# [WORK INSTRUCTIONS]
Check the entries below and say how many lines include the word "HARNESS". No other text is wanted.

Top of PROVIDED MATERIAL

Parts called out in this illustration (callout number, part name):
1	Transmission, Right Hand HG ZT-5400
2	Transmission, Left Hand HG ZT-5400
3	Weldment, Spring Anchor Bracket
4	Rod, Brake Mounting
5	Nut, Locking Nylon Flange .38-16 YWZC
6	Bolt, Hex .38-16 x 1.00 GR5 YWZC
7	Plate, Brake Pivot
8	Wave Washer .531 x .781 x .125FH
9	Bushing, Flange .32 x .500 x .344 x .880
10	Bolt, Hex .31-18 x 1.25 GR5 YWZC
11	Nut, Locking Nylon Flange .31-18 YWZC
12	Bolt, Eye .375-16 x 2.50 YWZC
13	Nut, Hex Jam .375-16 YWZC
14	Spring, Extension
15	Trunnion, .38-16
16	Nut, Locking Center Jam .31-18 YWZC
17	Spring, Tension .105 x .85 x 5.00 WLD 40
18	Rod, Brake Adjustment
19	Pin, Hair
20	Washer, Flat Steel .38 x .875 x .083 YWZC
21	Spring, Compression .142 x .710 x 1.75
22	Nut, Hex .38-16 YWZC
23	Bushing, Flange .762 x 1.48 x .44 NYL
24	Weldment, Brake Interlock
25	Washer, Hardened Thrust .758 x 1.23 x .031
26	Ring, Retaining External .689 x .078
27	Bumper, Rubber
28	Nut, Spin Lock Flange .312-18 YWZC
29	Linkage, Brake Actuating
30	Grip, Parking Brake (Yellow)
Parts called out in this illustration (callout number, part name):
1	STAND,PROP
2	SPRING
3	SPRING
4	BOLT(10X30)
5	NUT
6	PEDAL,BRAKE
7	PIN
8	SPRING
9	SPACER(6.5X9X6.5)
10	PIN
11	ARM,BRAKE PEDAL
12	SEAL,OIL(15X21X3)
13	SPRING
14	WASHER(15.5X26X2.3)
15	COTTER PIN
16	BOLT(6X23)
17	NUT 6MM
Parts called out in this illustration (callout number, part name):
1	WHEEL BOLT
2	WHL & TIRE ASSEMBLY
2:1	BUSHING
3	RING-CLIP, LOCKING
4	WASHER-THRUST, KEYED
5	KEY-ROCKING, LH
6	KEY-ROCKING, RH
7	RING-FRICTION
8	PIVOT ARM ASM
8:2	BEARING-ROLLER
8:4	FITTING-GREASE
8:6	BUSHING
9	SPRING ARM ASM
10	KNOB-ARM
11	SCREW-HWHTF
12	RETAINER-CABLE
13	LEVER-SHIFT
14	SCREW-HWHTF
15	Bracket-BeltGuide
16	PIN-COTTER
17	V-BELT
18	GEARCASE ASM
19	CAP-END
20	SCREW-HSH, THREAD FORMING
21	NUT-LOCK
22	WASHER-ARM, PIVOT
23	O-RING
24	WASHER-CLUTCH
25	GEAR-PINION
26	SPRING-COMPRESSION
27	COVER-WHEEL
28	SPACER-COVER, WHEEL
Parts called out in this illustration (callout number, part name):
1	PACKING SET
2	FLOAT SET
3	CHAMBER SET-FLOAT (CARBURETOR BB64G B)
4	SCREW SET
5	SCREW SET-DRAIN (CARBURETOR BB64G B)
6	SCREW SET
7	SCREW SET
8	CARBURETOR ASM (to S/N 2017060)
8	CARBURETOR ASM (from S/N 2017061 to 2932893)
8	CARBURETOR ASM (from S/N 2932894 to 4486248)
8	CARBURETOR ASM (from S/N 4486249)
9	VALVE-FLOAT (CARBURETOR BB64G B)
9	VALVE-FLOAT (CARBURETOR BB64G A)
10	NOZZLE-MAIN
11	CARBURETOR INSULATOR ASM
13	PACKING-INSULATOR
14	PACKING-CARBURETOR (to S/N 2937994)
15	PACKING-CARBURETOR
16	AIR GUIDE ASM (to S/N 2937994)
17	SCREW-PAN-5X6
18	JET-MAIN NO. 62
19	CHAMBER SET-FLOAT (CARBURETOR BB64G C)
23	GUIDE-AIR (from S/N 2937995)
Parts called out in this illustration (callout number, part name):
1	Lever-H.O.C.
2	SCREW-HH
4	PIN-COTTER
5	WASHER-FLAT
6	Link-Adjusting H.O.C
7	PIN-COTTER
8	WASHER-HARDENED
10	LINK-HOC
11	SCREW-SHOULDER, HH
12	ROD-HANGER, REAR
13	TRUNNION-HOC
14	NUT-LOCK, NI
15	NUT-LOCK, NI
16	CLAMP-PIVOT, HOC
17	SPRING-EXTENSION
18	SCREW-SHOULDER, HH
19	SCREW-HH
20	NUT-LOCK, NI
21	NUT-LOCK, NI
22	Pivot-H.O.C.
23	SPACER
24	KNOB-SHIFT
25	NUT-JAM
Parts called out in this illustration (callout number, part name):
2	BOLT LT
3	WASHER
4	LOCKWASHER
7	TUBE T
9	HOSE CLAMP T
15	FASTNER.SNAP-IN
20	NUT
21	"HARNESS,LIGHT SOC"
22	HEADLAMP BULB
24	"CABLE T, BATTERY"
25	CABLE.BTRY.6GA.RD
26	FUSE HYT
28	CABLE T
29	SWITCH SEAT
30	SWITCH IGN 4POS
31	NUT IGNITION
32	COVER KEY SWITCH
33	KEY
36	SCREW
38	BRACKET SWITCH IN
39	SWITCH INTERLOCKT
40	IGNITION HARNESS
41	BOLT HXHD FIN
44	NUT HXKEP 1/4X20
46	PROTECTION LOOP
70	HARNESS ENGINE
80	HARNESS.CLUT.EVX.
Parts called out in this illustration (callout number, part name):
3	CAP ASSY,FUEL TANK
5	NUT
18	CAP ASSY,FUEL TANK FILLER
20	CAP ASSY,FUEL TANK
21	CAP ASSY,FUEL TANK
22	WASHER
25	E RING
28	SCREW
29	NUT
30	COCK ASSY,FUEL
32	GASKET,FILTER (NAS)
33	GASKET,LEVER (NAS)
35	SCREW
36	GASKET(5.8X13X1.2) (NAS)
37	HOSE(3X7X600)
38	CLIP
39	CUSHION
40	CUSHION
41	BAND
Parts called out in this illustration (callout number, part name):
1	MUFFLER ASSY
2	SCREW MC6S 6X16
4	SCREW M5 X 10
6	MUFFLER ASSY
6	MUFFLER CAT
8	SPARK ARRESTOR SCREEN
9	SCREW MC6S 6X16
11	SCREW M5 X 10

Bottom of PROVIDED MATERIAL

# [WRITTEN ANSWER]
4